Extracted records
####
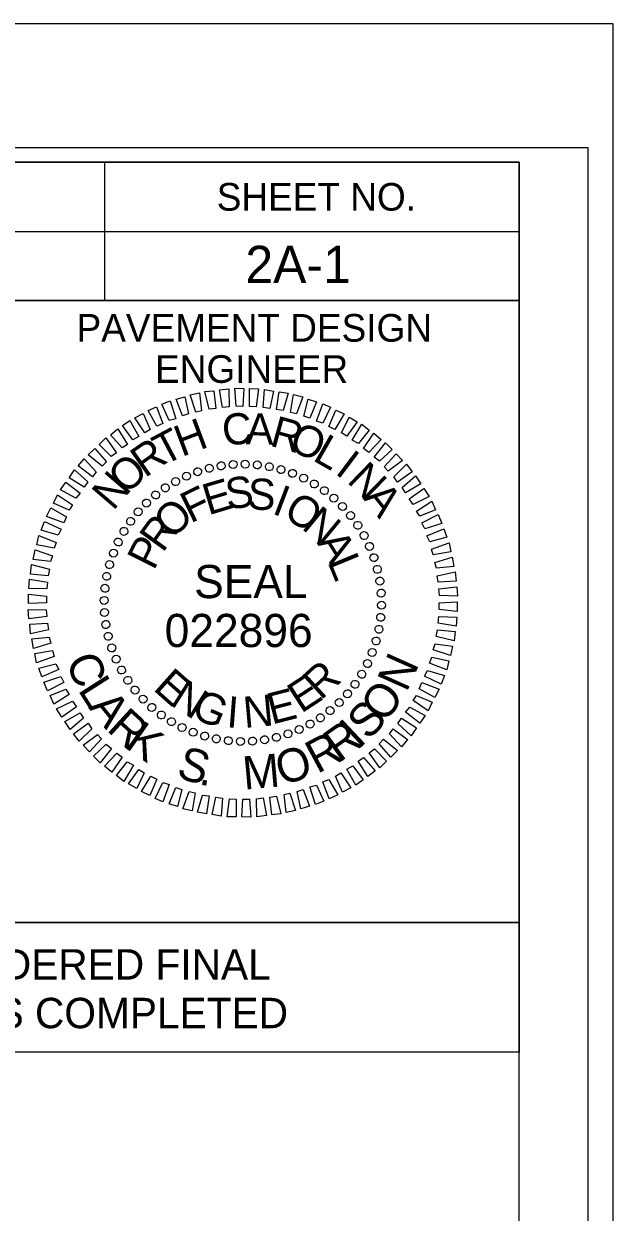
# Model space of a CAD drawing. Extents: x 55823 to 57507, y 47399 to 48499.
# Drawn here: x 57400.6 to 57507.2, y 48284.4 to 48499.4 of the extents above; entities that cross this region are included whole.
import ezdxf

# ---------------------------------------------------------------- set-up
doc = ezdxf.new("R2010")
doc.units = 0
for name, color, linetype in [('Sheet Data Field CELL', 7, 'Continuous'), ('Sheet PE Seal Cell', 7, 'Continuous'), ('Sheet Plot Border Inside CELL', 7, 'Continuous'), ('Sheet Plot Border Outside CELL', 7, 'Continuous'), ('Sheet Sticker Exception Certification CELL', 7, 'Continuous'), ('Sheet Typical CELL', 7, 'Continuous')]:
    doc.layers.add(name, color=color, linetype=linetype)

msp = doc.modelspace()

# ---------------------------------------------------------------- linework, layer by layer
at = {"layer": 'Sheet PE Seal Cell'}
for p, q in [((57440.63, 48419.75), (57440.63, 48419.75)), ((57429.98, 48417.6), (57429.98, 48417.6)), ((57431.98, 48418.4), (57431.98, 48418.4)), ((57434.08, 48419), (57434.08, 48419)), ((57436.28, 48419.4), (57436.28, 48419.4)), ((57438.43, 48419.7), (57438.43, 48419.7)), ((57442.83, 48419.6), (57442.83, 48419.6)), ((57444.98, 48419.25), (57444.98, 48419.25)), ((57447.08, 48418.8), (57447.08, 48418.8)), ((57449.18, 48418.1), (57449.18, 48418.1)), ((57426.13, 48415.45), (57426.13, 48415.45)), ((57428.03, 48416.6), (57428.03, 48416.6)), ((57451.18, 48417.2), (57451.18, 48417.2)), ((57453.13, 48416.2), (57453.13, 48416.2)), ((57424.38, 48414.2), (57424.38, 48414.2)), ((57454.93, 48414.95), (57454.93, 48414.95)), ((57456.68, 48413.6), (57456.68, 48413.6)), ((57421.23, 48411.15), (57421.23, 48411.15)), ((57422.73, 48412.7), (57422.73, 48412.7)), ((57458.23, 48412.1), (57458.23, 48412.1)), ((57419.88, 48409.4), (57419.88, 48409.4)), ((57459.73, 48410.45), (57459.73, 48410.45)), ((57418.63, 48407.6), (57418.63, 48407.6)), ((57460.98, 48408.7), (57460.98, 48408.7)), ((57417.63, 48405.65), (57417.63, 48405.65)), ((57462.13, 48406.8), (57462.13, 48406.8)), ((57463.13, 48404.85), (57463.13, 48404.85)), ((57416.73, 48403.65), (57416.73, 48403.65)), ((57463.93, 48402.85), (57463.93, 48402.85)), ((57416.03, 48401.55), (57416.03, 48401.55)), ((57464.53, 48400.75), (57464.53, 48400.75)), ((57415.58, 48399.45), (57415.58, 48399.45)), ((57464.93, 48398.55), (57464.93, 48398.55)), ((57415.23, 48397.3), (57415.23, 48397.3)), ((57465.23, 48396.4), (57465.23, 48396.4)), ((57415.08, 48395.1), (57415.08, 48395.1)), ((57440.18, 48394.65), (57440.18, 48394.65)), ((57465.28, 48394.2), (57465.28, 48394.2)), ((57415.13, 48392.9), (57415.13, 48392.9)), ((57465.13, 48392), (57465.13, 48392)), ((57415.43, 48390.75), (57415.43, 48390.75)), ((57464.78, 48389.85), (57464.78, 48389.85)), ((57415.83, 48388.55), (57415.83, 48388.55)), ((57464.33, 48387.75), (57464.33, 48387.75)), ((57416.43, 48386.45), (57416.43, 48386.45)), ((57463.63, 48385.65), (57463.63, 48385.65)), ((57417.23, 48384.45), (57417.23, 48384.45)), ((57462.73, 48383.65), (57462.73, 48383.65)), ((57418.23, 48382.5), (57418.23, 48382.5)), ((57461.73, 48381.7), (57461.73, 48381.7)), ((57419.38, 48380.6), (57419.38, 48380.6)), ((57460.48, 48379.9), (57460.48, 48379.9)), ((57420.63, 48378.85), (57420.63, 48378.85)), ((57422.13, 48377.2), (57422.13, 48377.2)), ((57459.13, 48378.15), (57459.13, 48378.15)), ((57423.68, 48375.7), (57423.68, 48375.7)), ((57455.98, 48375.1), (57455.98, 48375.1)), ((57457.63, 48376.6), (57457.63, 48376.6)), ((57425.43, 48374.35), (57425.43, 48374.35)), ((57427.23, 48373.1), (57427.23, 48373.1)), ((57452.33, 48372.7), (57452.33, 48372.7)), ((57454.23, 48373.85), (57454.23, 48373.85)), ((57429.18, 48372.1), (57429.18, 48372.1)), ((57431.18, 48371.2), (57431.18, 48371.2)), ((57433.28, 48370.5), (57433.28, 48370.5)), ((57446.28, 48370.3), (57446.28, 48370.3)), ((57448.38, 48370.9), (57448.38, 48370.9)), ((57450.38, 48371.7), (57450.38, 48371.7)), ((57435.38, 48370.05), (57435.38, 48370.05)), ((57437.53, 48369.7), (57437.53, 48369.7)), ((57439.73, 48369.55), (57439.73, 48369.55)), ((57441.93, 48369.6), (57441.93, 48369.6)), ((57444.08, 48369.9), (57444.08, 48369.9))]:
    msp.add_line(p, q, dxfattribs=at)
for points in [[(57434.08, 48429.65), (57433.28, 48432.85), (57434.93, 48433), (57435.28, 48429.8)], [(57436.48, 48429.95), (57435.93, 48433.15), (57437.63, 48433.35), (57437.68, 48430.1)], [(57438.98, 48430.2), (57438.73, 48433.45), (57440.38, 48433.4), (57440.18, 48430.15)], [(57441.38, 48430.15), (57441.38, 48433.4), (57443.03, 48433.35), (57442.58, 48430.1)], [(57443.88, 48430), (57444.08, 48433.25), (57445.73, 48432.95), (57445.08, 48429.8)], [(57446.28, 48429.6), (57446.73, 48432.8), (57448.38, 48432.55), (57447.48, 48429.45)], [(57426.83, 48427.65), (57425.53, 48430.55), (57427.03, 48431.15), (57428.08, 48427.95)], [(57429.28, 48428.45), (57428.13, 48431.45), (57429.68, 48431.9), (57430.33, 48428.8)], [(57431.68, 48429.1), (57430.63, 48432.25), (57432.33, 48432.6), (57432.73, 48429.35)], [(57448.83, 48429.05), (57449.33, 48432.3), (57451.03, 48431.9), (57449.88, 48428.8)], [(57451.23, 48428.4), (57451.98, 48431.5), (57453.53, 48431), (57452.28, 48428.05)], [(57453.48, 48427.5), (57454.63, 48430.65), (57456.03, 48430.05), (57454.63, 48427.15)], [(57422.48, 48425.4), (57420.63, 48428.1), (57422.18, 48428.9), (57423.43, 48426)], [(57424.63, 48426.6), (57423.03, 48429.4), (57424.58, 48430.1), (57425.73, 48427.05)], [(57455.73, 48426.55), (57456.98, 48429.5), (57458.53, 48428.8), (57456.83, 48426)], [(57420.28, 48424.15), (57418.43, 48426.7), (57419.73, 48427.65), (57421.38, 48424.75)], [(57458.03, 48425.4), (57459.38, 48428.25), (57460.88, 48427.4), (57458.98, 48424.8)], [(57459.98, 48424.05), (57461.73, 48426.95), (57463.03, 48425.9), (57461.08, 48423.45)], [(57416.38, 48421.1), (57414.18, 48423.3), (57415.38, 48424.5), (57417.33, 48421.8)], [(57418.38, 48422.65), (57416.23, 48425.05), (57417.58, 48426.1), (57419.33, 48423.3)], [(57462.03, 48422.55), (57463.88, 48425.3), (57465.18, 48424.2), (57462.98, 48421.85)], [(57414.73, 48419.35), (57412.18, 48421.4), (57413.43, 48422.55), (57415.53, 48420.15)], [(57463.93, 48421), (57465.98, 48423.6), (57467.18, 48422.4), (57464.88, 48420.25)], [(57412.98, 48417.45), (57410.38, 48419.4), (57411.48, 48420.7), (57413.68, 48418.35)], [(57465.73, 48419.25), (57467.88, 48421.6), (57469.08, 48420.4), (57466.48, 48418.45)], [(57411.48, 48415.55), (57408.78, 48417.25), (57409.73, 48418.7), (57412.13, 48416.5)], [(57467.48, 48417.45), (57469.78, 48419.7), (57470.83, 48418.35), (57468.18, 48416.45)], [(57468.98, 48415.5), (57471.43, 48417.6), (57472.38, 48416.15), (57469.58, 48414.55)], [(57409.98, 48413.55), (57407.18, 48415.05), (57408.18, 48416.45), (57410.78, 48414.45)], [(57408.78, 48411.4), (57405.93, 48412.65), (57406.68, 48414.2), (57409.38, 48412.35)], [(57470.28, 48413.45), (57472.93, 48415.35), (57473.88, 48413.85), (57470.98, 48412.45)], [(57407.78, 48409.1), (57404.68, 48410.25), (57405.43, 48411.8), (57408.28, 48410.2)], [(57471.58, 48411.25), (57474.38, 48413), (57475.03, 48411.45), (57472.18, 48410.3)], [(57406.78, 48406.9), (57403.68, 48407.8), (57404.33, 48409.35), (57407.33, 48407.95)], [(57472.58, 48409.1), (57475.53, 48410.6), (57476.18, 48409), (57473.08, 48408)], [(57473.48, 48406.75), (57476.53, 48408.05), (57477.08, 48406.5), (57473.98, 48405.7)], [(57406.03, 48404.5), (57402.93, 48405.15), (57403.28, 48406.8), (57406.43, 48405.55)], [(57474.28, 48404.35), (57477.48, 48405.5), (57477.78, 48403.85), (57474.63, 48403.3)], [(57405.38, 48402.1), (57402.28, 48402.5), (57402.63, 48404.2), (57405.78, 48403.15)], [(57474.88, 48401.95), (57478.03, 48402.9), (57478.33, 48401.2), (57475.18, 48400.9)], [(57404.98, 48399.55), (57401.78, 48399.85), (57401.98, 48401.55), (57405.23, 48400.75)], [(57404.73, 48397.15), (57401.48, 48397.25), (57401.58, 48398.9), (57404.83, 48398.35)], [(57475.33, 48399.55), (57478.58, 48400.25), (57478.73, 48398.55), (57475.53, 48398.35)], [(57404.68, 48394.65), (57401.43, 48394.5), (57401.43, 48396.2), (57404.68, 48395.85)], [(57475.63, 48397.15), (57478.88, 48397.55), (57478.98, 48395.85), (57475.73, 48395.95)], [(57475.68, 48394.65), (57478.93, 48394.8), (57478.93, 48393.1), (57475.68, 48393.45)], [(57404.73, 48392.15), (57401.48, 48391.75), (57401.38, 48393.45), (57404.63, 48393.35)], [(57475.63, 48392.15), (57478.88, 48392.05), (57478.78, 48390.4), (57475.53, 48390.95)], [(57405.03, 48389.75), (57401.78, 48389.05), (57401.63, 48390.75), (57404.83, 48390.95)], [(57475.38, 48389.75), (57478.58, 48389.45), (57478.38, 48387.75), (57475.13, 48388.55)], [(57405.48, 48387.35), (57402.33, 48386.4), (57402.03, 48388.1), (57405.18, 48388.4)], [(57406.08, 48384.95), (57402.88, 48383.8), (57402.58, 48385.45), (57405.73, 48386)], [(57474.98, 48387.2), (57478.08, 48386.8), (57477.73, 48385.1), (57474.58, 48386.15)], [(57406.88, 48382.55), (57403.83, 48381.25), (57403.28, 48382.8), (57406.38, 48383.6)], [(57474.33, 48384.8), (57477.43, 48384.15), (57477.08, 48382.5), (57473.93, 48383.75)], [(57407.78, 48380.2), (57404.83, 48378.7), (57404.18, 48380.3), (57407.28, 48381.3)], [(57473.58, 48382.4), (57476.68, 48381.5), (57476.03, 48379.95), (57473.03, 48381.35)], [(57408.78, 48378.05), (57405.98, 48376.3), (57405.33, 48377.85), (57408.18, 48379)], [(57472.58, 48380.2), (57475.68, 48379.05), (57474.93, 48377.5), (57472.08, 48379.1)], [(57410.08, 48375.85), (57407.43, 48373.95), (57406.48, 48375.45), (57409.38, 48376.85)], [(57471.58, 48377.9), (57474.43, 48376.65), (57473.68, 48375.1), (57470.98, 48376.95)], [(57411.38, 48373.8), (57408.93, 48371.7), (57407.98, 48373.15), (57410.78, 48374.75)], [(57470.38, 48375.75), (57473.18, 48374.25), (57472.18, 48372.85), (57469.58, 48374.85)], [(57412.88, 48371.85), (57410.58, 48369.6), (57409.53, 48370.95), (57412.18, 48372.85)], [(57468.88, 48373.75), (57471.58, 48372.05), (57470.63, 48370.6), (57468.23, 48372.8)], [(57414.63, 48370.05), (57412.48, 48367.7), (57411.28, 48368.9), (57413.88, 48370.85)], [(57467.38, 48371.85), (57469.98, 48369.9), (57468.88, 48368.6), (57466.68, 48370.95)], [(57416.43, 48368.3), (57414.38, 48365.7), (57413.18, 48366.9), (57415.48, 48369.05)], [(57463.98, 48368.2), (57466.18, 48366), (57464.98, 48364.8), (57463.03, 48367.5)], [(57465.63, 48369.95), (57468.18, 48367.9), (57466.93, 48366.75), (57464.83, 48369.15)], [(57418.33, 48366.75), (57416.48, 48364), (57415.18, 48365.1), (57417.38, 48367.45)], [(57461.98, 48366.65), (57464.13, 48364.25), (57462.78, 48363.2), (57461.03, 48366)], [(57420.38, 48365.25), (57418.63, 48362.35), (57417.33, 48363.4), (57419.28, 48365.85)], [(57422.33, 48363.9), (57420.98, 48361.05), (57419.48, 48361.9), (57421.38, 48364.5)], [(57457.88, 48363.9), (57459.73, 48361.2), (57458.18, 48360.4), (57456.93, 48363.3)], [(57460.08, 48365.15), (57461.93, 48362.6), (57460.63, 48361.65), (57458.98, 48364.55)], [(57424.63, 48362.75), (57423.38, 48359.8), (57421.83, 48360.5), (57423.53, 48363.3)], [(57426.88, 48361.8), (57425.73, 48358.65), (57424.33, 48359.25), (57425.73, 48362.15)], [(57455.73, 48362.7), (57457.33, 48359.9), (57455.78, 48359.2), (57454.63, 48362.25)], [(57429.13, 48360.9), (57428.38, 48357.8), (57426.83, 48358.3), (57428.08, 48361.25)], [(57431.53, 48360.25), (57431.03, 48357), (57429.33, 48357.4), (57430.48, 48360.5)], [(57434.08, 48359.7), (57433.63, 48356.5), (57431.98, 48356.75), (57432.88, 48359.85)], [(57446.28, 48359.65), (57447.08, 48356.45), (57445.43, 48356.3), (57445.08, 48359.5)], [(57448.68, 48360.2), (57449.73, 48357.05), (57448.03, 48356.7), (57447.63, 48359.95)], [(57451.08, 48360.85), (57452.23, 48357.85), (57450.68, 48357.4), (57450.03, 48360.5)], [(57453.53, 48361.65), (57454.83, 48358.75), (57453.33, 48358.15), (57452.28, 48361.35)], [(57436.48, 48359.3), (57436.28, 48356.05), (57434.63, 48356.35), (57435.28, 48359.5)], [(57438.98, 48359.15), (57438.98, 48355.9), (57437.33, 48355.95), (57437.78, 48359.2)], [(57441.38, 48359.1), (57441.63, 48355.85), (57439.98, 48355.9), (57440.18, 48359.15)], [(57443.88, 48359.35), (57444.43, 48356.15), (57442.73, 48355.95), (57442.68, 48359.2)]]:
    msp.add_lwpolyline(points, close=True, dxfattribs=at)
for centre, major_axis in [((57434.11, 48418.98), (-0.174, 0.699)), ((57436.26, 48419.42), (-0.113, 0.711)), ((57438.43, 48419.66), (-0.05, 0.718)), ((57440.62, 48419.72), (0.013, 0.72)), ((57442.8, 48419.59), (0.075, 0.716)), ((57444.97, 48419.26), (0.137, 0.707)), ((57429.98, 48417.56), (-0.293, 0.658)), ((57432.01, 48418.36), (-0.234, 0.681)), ((57447.09, 48418.75), (0.198, 0.692)), ((57449.17, 48418.06), (0.258, 0.672)), ((57451.17, 48417.19), (0.316, 0.647)), ((57426.16, 48415.44), (-0.403, 0.597)), ((57428.02, 48416.58), (-0.349, 0.63)), ((57453.1, 48416.14), (0.371, 0.617)), ((57454.92, 48414.94), (0.423, 0.582)), ((57422.76, 48412.69), (-0.5, 0.518)), ((57424.4, 48414.14), (-0.453, 0.56)), ((57456.63, 48413.57), (0.472, 0.543)), ((57421.25, 48411.1), (-0.543, 0.472)), ((57458.22, 48412.07), (0.518, 0.5)), ((57459.67, 48410.43), (0.56, 0.453)), ((57419.89, 48409.39), (-0.582, 0.423)), ((57460.97, 48408.67), (0.597, 0.403)), ((57418.68, 48407.56), (-0.617, 0.371)), ((57462.12, 48406.8), (0.63, 0.349)), ((57417.64, 48405.64), (-0.647, 0.316)), ((57463.09, 48404.85), (0.658, 0.293)), ((57416.77, 48403.63), (-0.672, 0.258)), ((57463.89, 48402.81), (0.681, 0.234)), ((57416.07, 48401.56), (-0.692, 0.198)), ((57464.51, 48400.71), (0.699, 0.174)), ((57415.56, 48399.43), (-0.707, 0.137)), ((57464.95, 48398.57), (0.711, 0.113)), ((57415.24, 48397.27), (-0.716, 0.075)), ((57465.2, 48396.4), (0.718, 0.05)), ((57415.1, 48395.08), (-0.72, 0.013)), ((57465.26, 48394.21), (0.72, -0.013)), ((57415.16, 48392.9), (-0.718, -0.05)), ((57465.12, 48392.02), (0.716, -0.075)), ((57415.41, 48390.72), (-0.711, -0.113)), ((57464.8, 48389.86), (0.707, -0.137)), ((57415.84, 48388.58), (-0.699, -0.174)), ((57464.29, 48387.73), (0.692, -0.198)), ((57416.47, 48386.48), (-0.681, -0.234)), ((57463.59, 48385.66), (0.672, -0.258)), ((57417.27, 48384.44), (-0.658, -0.293)), ((57418.24, 48382.49), (-0.63, -0.349)), ((57462.72, 48383.65), (0.647, -0.316)), ((57419.39, 48380.62), (-0.597, -0.403)), ((57461.68, 48381.73), (0.617, -0.371)), ((57420.69, 48378.86), (-0.56, -0.453)), ((57459.11, 48378.19), (0.543, -0.472)), ((57460.47, 48379.9), (0.582, -0.423)), ((57422.14, 48377.22), (-0.518, -0.5)), ((57457.6, 48376.6), (0.5, -0.518)), ((57423.73, 48375.72), (-0.472, -0.543)), ((57425.44, 48374.36), (-0.423, -0.582)), ((57454.2, 48373.85), (0.403, -0.597)), ((57455.96, 48375.15), (0.453, -0.56)), ((57427.26, 48373.15), (-0.371, -0.617)), ((57429.19, 48372.1), (-0.316, -0.647)), ((57450.38, 48371.73), (0.293, -0.658)), ((57452.34, 48372.71), (0.349, -0.63)), ((57431.19, 48371.23), (-0.258, -0.672)), ((57433.27, 48370.54), (-0.198, -0.692)), ((57435.39, 48370.03), (-0.137, -0.707)), ((57437.56, 48369.7), (-0.075, -0.716)), ((57439.74, 48369.57), (-0.013, -0.72)), ((57441.93, 48369.63), (0.05, -0.718)), ((57444.1, 48369.87), (0.113, -0.711)), ((57446.25, 48370.31), (0.174, -0.699)), ((57448.35, 48370.93), (0.234, -0.681))]:
    msp.add_ellipse(centre, major_axis=major_axis, ratio=0.999708, dxfattribs=at)
at = {"layer": 'Sheet Plot Border Inside CELL'}
msp.add_lwpolyline([(57502.66, 48476.93), (55836.16, 48476.93), (55836.16, 47421.83), (57502.66, 47421.83)], close=True, dxfattribs=at)
at = {"layer": 'Sheet Plot Border Outside CELL'}
msp.add_lwpolyline([(57507.16, 48499.38), (55823.16, 48499.38), (55823.16, 47399.38), (57507.16, 47399.38)], close=True, dxfattribs=at)
at = {"layer": 'Sheet Sticker Exception Certification CELL'}
for p, q in [((57290.13, 48336.83), (57490.16, 48336.83)), ((57490.16, 48336.82), (57490.16, 48313.32)), ((57490.16, 48313.33), (57290.13, 48313.33))]:
    msp.add_line(p, q, dxfattribs=at)
at = {"layer": 'Sheet Typical CELL'}
for p, q in [((57415.16, 48474.33), (57415.16, 48449.33)), ((57290.11, 48461.83), (57490.16, 48461.83))]:
    msp.add_line(p, q, dxfattribs=at)
for points in [[(57490.16, 48474.38), (55990.16, 48474.38), (55990.16, 47424.38), (57490.16, 47424.38)], [(57290.11, 48474.38), (57490.16, 48474.38), (57490.16, 48449.33), (57290.11, 48449.33)], [(57390.16, 48449.33), (57490.16, 48449.33), (57490.16, 48336.83), (57390.16, 48336.83)]]:
    msp.add_lwpolyline(points, close=True, dxfattribs=at)

# ---------------------------------------------------------------- texts
at = {"layer": 'Sheet Data Field CELL'}
msp.add_text('2A-1', height=6.75, dxfattribs=at).set_placement((57440.64, 48452.48))
at = {"layer": 'Sheet PE Seal Cell'}
for s, height, rotation, p in [('C', 5.64, 6.2199, (57436.73, 48423)), ('A', 5.64, 359.0203, (57440.68, 48423.3)), ('R', 5.64, 344.6211, (57444.88, 48423.1)), ('T', 5.64, 27.8198, (57425.88, 48419.35)), ('H', 5.64, 20.6195, (57429.13, 48421)), ('O', 5.64, 337.4212, (57448.23, 48422.35)), ('L', 5.64, 330.2209, (57452.63, 48420.5)), ('R', 5.64, 35.0205, (57422.48, 48417.15)), ('I', 5.64, 323.0201, (57456.68, 48418.1)), ('O', 5.64, 42.2217, (57419.03, 48414.05)), ('N', 5.64, 315.8189, (57458.83, 48416.55)), ('N', 5.64, 49.4235, (57416.73, 48411.15)), ('S', 5.64, 7.2556, (57437.38, 48411.5)), ('F', 5.64, 25.967, (57430.73, 48408.95)), ('E', 5.64, 16.6111, (57433.93, 48410.45)), ('S', 5.64, 357.9004, (57440.98, 48411.55)), ('I', 5.64, 339.1896, (57445.28, 48410.85)), ('A', 5.64, 308.6172, (57461.78, 48413.6)), ('O', 5.64, 329.8335, (57447.28, 48410.15)), ('O', 5.64, 44.6812, (57427.43, 48406)), ('N', 5.64, 320.4766, (57450.63, 48408.15)), ('R', 5.64, 54.0397, (57425.68, 48403.55)), ('P', 5.64, 63.3989, (57424.08, 48400.35)), ('A', 5.64, 301.7603, (57453.48, 48405.55)), ('L', 5.64, 292.4008, (57455.43, 48402.1)), ('SEAL', 5.998, 360, (57431.38, 48395.49)), ('C', 6, 292.9481, (57408.05, 48384.1)), ('N', 6, 65.9082, (57469.79, 48378.32)), ('R', 5.64, 42.4814, (57454.28, 48376.9)), ('L', 6, 302.5303, (57410.25, 48378.9)), ('E', 5.64, 318.2769, (57423.78, 48379)), ('E', 5.64, 33.1241, (57450.73, 48374.55)), ('N', 5.64, 327.634, (57426.78, 48376.3)), ('E', 5.64, 14.4118, (57445.43, 48372.6)), ('O', 6, 54.3478, (57465.92, 48372.71)), ('A', 6, 308.805, (57412.15, 48375.72)), ('G', 5.64, 336.9902, (57430.58, 48374.05)), ('I', 5.64, 355.7012, (57437.13, 48372.15)), ('N', 5.64, 5.0564, (57440.48, 48372)), ('R', 6, 317.6453, (57415.39, 48371.64)), ('S', 6, 47.0221, (57462.91, 48369.61)), ('K', 6, 325.1256, (57418.6, 48368.61)), ('R', 6, 35.7399, (57457.58, 48365.65)), ('I', 6, 43.2201, (57461.2, 48368.16)), ('R', 6, 28.2596, (57453.65, 48363.63)), ('S', 6, 343.6099, (57427.97, 48363.11)), ('O', 6, 16.6992, (57447.16, 48361.56)), ('M', 6, 5.1697, (57440.41, 48360.83)), ('.', 6, 350.9356, (57432.09, 48361.81))]:
    msp.add_text(s, height=height, rotation=rotation, dxfattribs=at).set_placement(p)
msp.add_text('022896', height=5.998, dxfattribs=at).set_placement((57426.04, 48386.64))
at = {"layer": 'Sheet Sticker Exception Certification CELL'}
for s, p in [('DOCUMENT NOT CONSIDERED FINAL', (57311.2, 48326.49)), ('UNLESS ALL SIGNATURES COMPLETED', (57306.13, 48317.69))]:
    msp.add_text(s, height=5.5, dxfattribs=at).set_placement(p)
at = {"layer": 'Sheet Typical CELL'}
for s, height, p in [('SHEET NO.', 5, (57435.46, 48465.58)), ('PAVEMENT DESIGN', 5.0001, (57410.11, 48441.88)), ('ENGINEER', 5, (57424.31, 48434.43))]:
    msp.add_text(s, height=height, dxfattribs=at).set_placement(p)

doc.saveas('drawing.dxf')
####
### YOUR OBJECTIVE
Scan the data above and copy every line with "True" in it.

### THE ANSWER
    msp.add_lwpolyline(points, close=True, dxfattribs=at)
msp.add_lwpolyline([(57502.66, 48476.93), (55836.16, 48476.93), (55836.16, 47421.83), (57502.66, 47421.83)], close=True, dxfattribs=at)
msp.add_lwpolyline([(57507.16, 48499.38), (55823.16, 48499.38), (55823.16, 47399.38), (57507.16, 47399.38)], close=True, dxfattribs=at)
    msp.add_lwpolyline(points, close=True, dxfattribs=at)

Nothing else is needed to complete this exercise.